I spend a few nights in Sesriem, Namibia earlier this year. I went to photograph the landscapes but every morning I found an Oryx or two juxtaposed against the most unusual backdrops.....more images and info here at: http://thelazytravelphotographer.blogspot.com/2014/11/my-namibian-journey-part-two-5-nights.html


----------



## Valvebounce (Nov 29, 2014)

Hi Ivan. 
Nice series of shots, having the Oryx in the shots certainly adds a sense of scale particularly in the third one,which is my favourite. 

Cheers, Graham


----------



## tayassu (Nov 29, 2014)

Very nice photographs, I especially love the first one!


----------



## sanj (Nov 29, 2014)

Well done Ivan.


----------



## Click (Nov 29, 2014)

Very nice pictures Ivan. Well done.


----------



## MrFotoFool (Oct 3, 2015)

Very nice. Two and three are my favorites.


----------



## krisbell (Oct 3, 2015)

A couple of similar shots of mine from the UAE...
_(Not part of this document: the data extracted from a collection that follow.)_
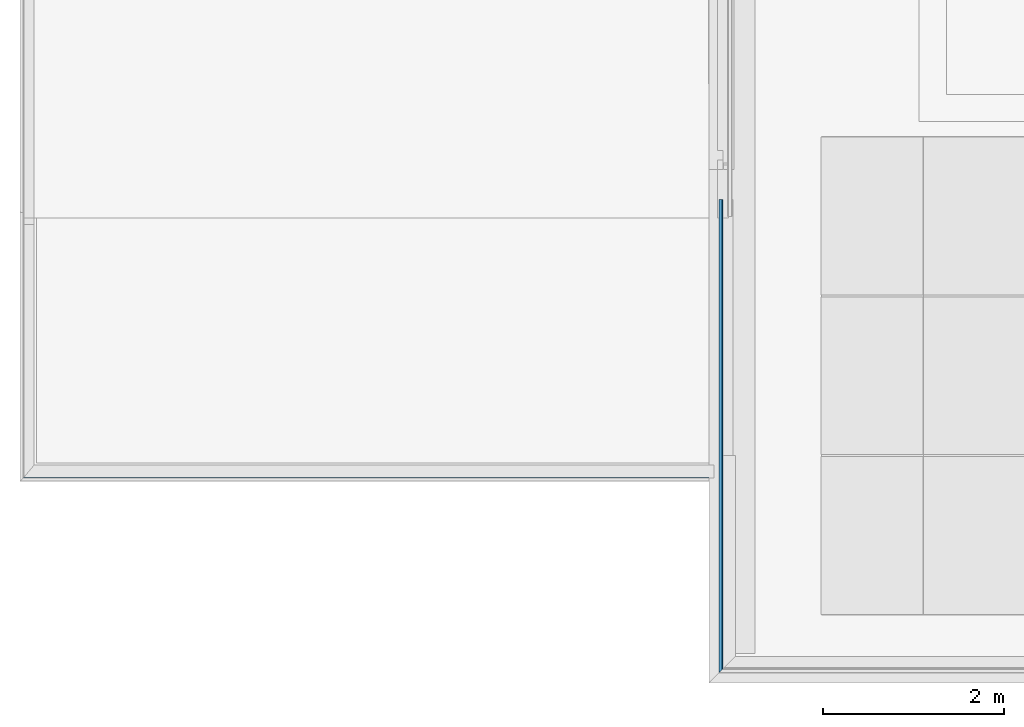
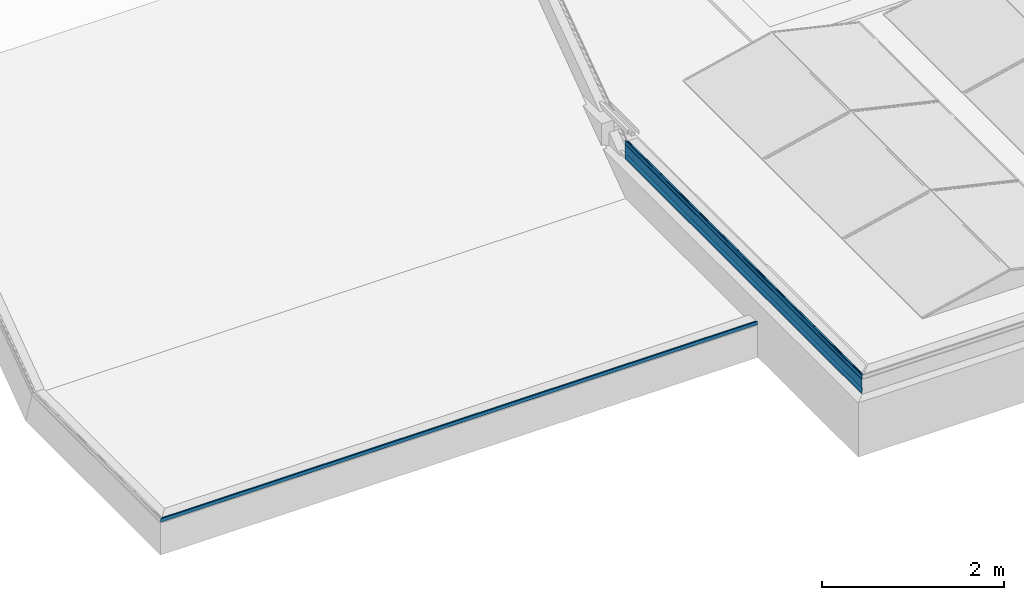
# One storey, part 18 of 63: 4 building element parts, 2 elements without a shape of their own.
"""IFC2X3 building model written with IfcOpenShell, lengths in millimetres."""

from ifc_helpers import new_model, entity, si_unit, converted_unit, derived_unit, money_unit, direction, frame, origin_with_axes, place, context, subcontext, project, spatial, faceted_brep, material, type_object, element, aggregate, save


model = new_model("IFC2X3")

# Units and contexts
model_context = context("Model", 3, precision=0.01, world=origin_with_axes(), true_north=direction((0.0, 1.0)))
body_context = subcontext(model_context, "Body", "Model", "MODEL_VIEW")
ifc_project = project(units=[si_unit("LENGTHUNIT", "METRE", prefix="MILLI"), si_unit("AREAUNIT", "SQUARE_METRE"), si_unit("VOLUMEUNIT", "CUBIC_METRE"), converted_unit("PLANEANGLEUNIT", "DEGREE", entity("IfcPlaneAngleMeasure", 0.0174532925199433), si_unit("PLANEANGLEUNIT", "RADIAN"), dimensions=[0, 0, 0, 0, 0, 0, 0]), money_unit("EUR"), converted_unit("TIMEUNIT", "Year", entity("IfcTimeMeasure", 31557600.0), si_unit("TIMEUNIT", "SECOND"), dimensions=[0, 0, 1, 0, 0, 0, 0]), si_unit("MASSUNIT", "GRAM", prefix="KILO"), si_unit("THERMODYNAMICTEMPERATUREUNIT", "DEGREE_CELSIUS"), si_unit("LUMINOUSINTENSITYUNIT", "LUMEN"), si_unit("ENERGYUNIT", "JOULE", prefix="MEGA"), derived_unit("THERMALCONDUCTANCEUNIT", [(si_unit("POWERUNIT", "WATT"), 1), (si_unit("LENGTHUNIT", "METRE"), -1), (si_unit("THERMODYNAMICTEMPERATUREUNIT", "KELVIN"), -1)]), derived_unit("SPECIFICHEATCAPACITYUNIT", [(si_unit("ENERGYUNIT", "JOULE"), 1), (si_unit("MASSUNIT", "GRAM", prefix="KILO"), -1), (si_unit("THERMODYNAMICTEMPERATUREUNIT", "KELVIN"), -1)]), derived_unit("MASSDENSITYUNIT", [(si_unit("MASSUNIT", "GRAM", prefix="KILO"), 1), (si_unit("VOLUMEUNIT", "CUBIC_METRE"), -1)])], contexts=[model_context])

# Site, building, storey
site_placement = place(None, origin_with_axes())
site = spatial("IfcSite", under=ifc_project, at=site_placement, Name="<site naam>", CompositionType="ELEMENT")
building_placement = place(site_placement, origin_with_axes())
building = spatial("IfcBuilding", under=site, at=building_placement, Name="<Naam gebouw>", CompositionType="ELEMENT")
storey_placement = place(building_placement, frame((0.0, 0.0, 12770.0), z_axis=(0.0, 0.0, 1.0), x_axis=(1.0, 0.0, 0.0)))
storey = spatial("IfcBuildingStorey", under=building, at=storey_placement, Name="04 4e verdieping", CompositionType="ELEMENT", Elevation=12770.0)

# Beam, building element parts
beam_type_1 = type_object("IfcBeamType", Name="Aluminium daktrim 45 x 250", PredefinedType="BEAM")
beam_1_placement = place(storey_placement, frame((11665.00000242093, 5004.102305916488, -14.59999999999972), z_axis=(0.0, 0.0, 1.0), x_axis=(-1.0, 0.0, 0.0)))
beam_1 = element("IfcBeam", 1, at=beam_1_placement, inside=storey, type_object=beam_type_1, Name="47_Balk_Aluminium", ObjectType="BEAM")
ifc_material = material(Name="aluminium")
building_element_part_1_placement = place(beam_1_placement, origin_with_axes())
building_element_part_1 = element("IfcBuildingElementPart", 2, at=building_element_part_1_placement, material=ifc_material, Name="aluminium", context=body_context, shape_type="Brep", body=[
    faceted_brep([(-121.4991945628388, 5207.603108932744, 294.0656451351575), (-122.2068758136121, 5206.895427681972, 293.7721760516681), (-122.2068758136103, 0.0, 293.7721760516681), (-121.4991945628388, 0.0, 294.0656451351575), (-110.9991946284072, 5218.103108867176, 294.0656451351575), (-110.2920878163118, 5218.810215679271, 293.7727519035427), (-109.9991945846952, 5219.103108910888, 293.0656450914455), (-109.9991945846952, 5219.103108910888, 250.0656451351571), (-110.2920878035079, 5218.810215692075, 249.3585383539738), (-110.9991945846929, 5218.10310891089, 249.0656451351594), (-111.4991731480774, 5217.603130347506, 249.1996073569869), (-117.6977781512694, 5211.404525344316, 252.7781690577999), (-117.9774779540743, 5211.124825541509, 253.1426342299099), (-117.9175736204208, 5211.184729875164, 253.598132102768), (-117.5531500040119, 5211.549153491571, 253.8778860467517), (-117.0976432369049, 5212.00466025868, 253.8180493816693), (-113.8976320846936, 5215.204671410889, 251.9718951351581), (-113.8976320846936, 5215.204671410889, 252.565645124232), (-113.7511854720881, 5215.351118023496, 252.9191985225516), (-113.3976320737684, 5215.704671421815, 253.0656451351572), (-113.1984133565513, 5215.903890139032, 253.0656451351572), (-112.8448599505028, 5216.257443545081, 252.9191985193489), (-112.6984133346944, 5216.403890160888, 252.5656451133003), (-112.6984133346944, 5216.403890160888, 251.278535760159), (-111.9489165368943, 5217.15338695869, 250.8452329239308), (-111.6116899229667, 5217.490613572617, 250.7856033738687), (-111.3150643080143, 5217.78723918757, 250.9567486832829), (-111.1979101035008, 5217.904393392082, 251.278544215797), (-111.1984133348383, 5217.903890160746, 281.0656535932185), (-111.3448629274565, 5217.757440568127, 281.419201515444), (-111.6984133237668, 5217.403890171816, 281.5656451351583), (-112.1984133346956, 5216.903890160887, 281.5656451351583), (-112.5519667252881, 5216.550336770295, 281.4191985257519), (-112.6984133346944, 5216.403890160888, 281.0656451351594), (-112.6984133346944, 5216.403890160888, 279.5656451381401), (-112.8448599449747, 5216.257443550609, 279.212091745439), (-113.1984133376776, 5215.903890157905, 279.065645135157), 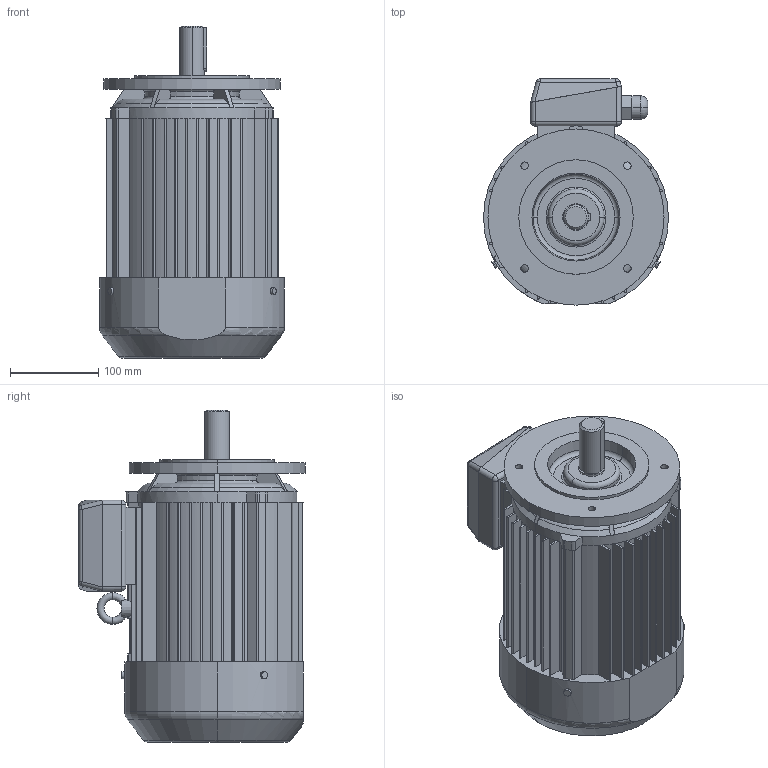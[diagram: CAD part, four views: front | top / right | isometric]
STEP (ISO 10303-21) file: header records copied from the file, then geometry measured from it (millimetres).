
FILE_DESCRIPTION (( 'STEP AP203' ), '1' );
FILE_NAME ('3SIEK100L2,6-B14-C1.STEP', '2016-02-08T12:13:53', ( 'Indukta' ), ( 'Celma Indukta S.A.' ), 'SwSTEP 2.0', 'SolidWorks 2003064', '' );
FILE_SCHEMA (( 'CONFIG_CONTROL_DESIGN' ));
Length unit declared in the file: millimetre
Products named in the file (1): 3SIEK100L2,6-B14-C1
Bounding box: 210 x 257 x 377 mm (x, y, z)
Volume: 9464851.1 mm3; surface area: 477517.2 mm2
Topology: 1 solids, 1 shells, 625 faces, 1672 edges, 1061 vertices
Faces by surface type: plane 315, cylinder 161, bspline 78, torus 43, cone 20, sphere 8
Entity records: 26310 total; most frequent: CARTESIAN_POINT 11029, ORIENTED_EDGE 3328, DIRECTION 2978, EDGE_CURVE 1664, VERTEX_POINT 1061, AXIS2_PLACEMENT_3D 1036, LINE 906, VECTOR 906
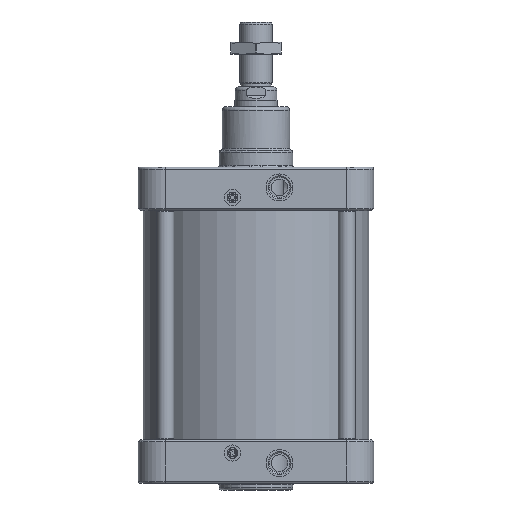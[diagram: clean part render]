
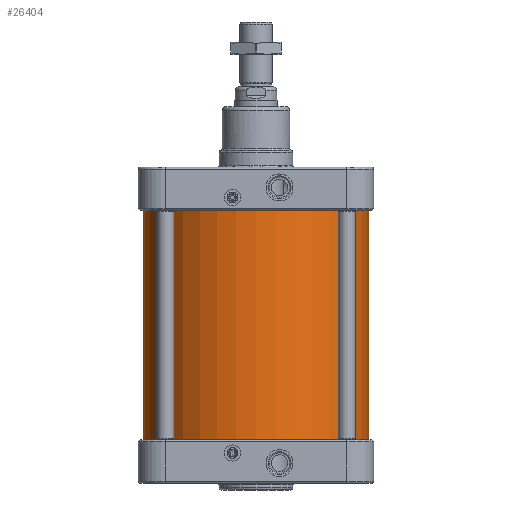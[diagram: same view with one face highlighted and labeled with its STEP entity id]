
A CAD part, front view. The second image highlights one B-rep face of the part: STEP entity #26404.
In plain terms, the highlighted cylindrical face has radius 168 mm (diameter 336 mm), a full revolution.
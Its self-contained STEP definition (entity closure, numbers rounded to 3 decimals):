
#2804=CIRCLE('',#29645,168.);
#2805=CIRCLE('',#29647,168.);
#3478=FACE_BOUND('',#7098,.T.);
#5147=FACE_OUTER_BOUND('',#7097,.T.);
#7097=EDGE_LOOP('',(#22547));
#7098=EDGE_LOOP('',(#22548));
#11979=VERTEX_POINT('',#64759);
#11980=VERTEX_POINT('',#64762);
#15511=EDGE_CURVE('',#11979,#11979,#2804,.T.);
#15512=EDGE_CURVE('',#11980,#11980,#2805,.T.);
#22547=ORIENTED_EDGE('',*,*,#15511,.T.);
#22548=ORIENTED_EDGE('',*,*,#15512,.T.);
#23070=CYLINDRICAL_SURFACE('',#29646,168.);
#26404=ADVANCED_FACE('',(#5147,#3478),#23070,.T.);
#29645=AXIS2_PLACEMENT_3D('',#64760,#36878,#36879);
#29646=AXIS2_PLACEMENT_3D('',#64761,#36880,#36881);
#29647=AXIS2_PLACEMENT_3D('',#64763,#36882,#36883);
#36878=DIRECTION('center_axis',(0.,0.,1.));
#36879=DIRECTION('ref_axis',(-1.,0.,0.));
#36880=DIRECTION('center_axis',(0.,0.,1.));
#36881=DIRECTION('ref_axis',(-1.,0.,0.));
#36882=DIRECTION('center_axis',(0.,0.,-1.));
#36883=DIRECTION('ref_axis',(-1.,0.,0.));
#64759=CARTESIAN_POINT('',(168.,0.,-170.));
#64760=CARTESIAN_POINT('Origin',(0.,0.,-170.));
#64761=CARTESIAN_POINT('Origin',(0.,0.,0.));
#64762=CARTESIAN_POINT('',(168.,0.,170.));
#64763=CARTESIAN_POINT('Origin',(0.,0.,170.));

Oryx Landscape by Kris Bell, on Flickr



Arabian Oryx (Oryx leucoryx) by Kris Bell, on Flickr


----------



## Click (Oct 3, 2015)

krisbell said:


> A couple of similar shots of mine from the UAE...



Beautiful shots. I especially like the second picture. Well done, Kris.


----------



## MrFotoFool (Oct 3, 2015)

@Krisbell - Those are fantastic! Love them both, but especially the second one.


----------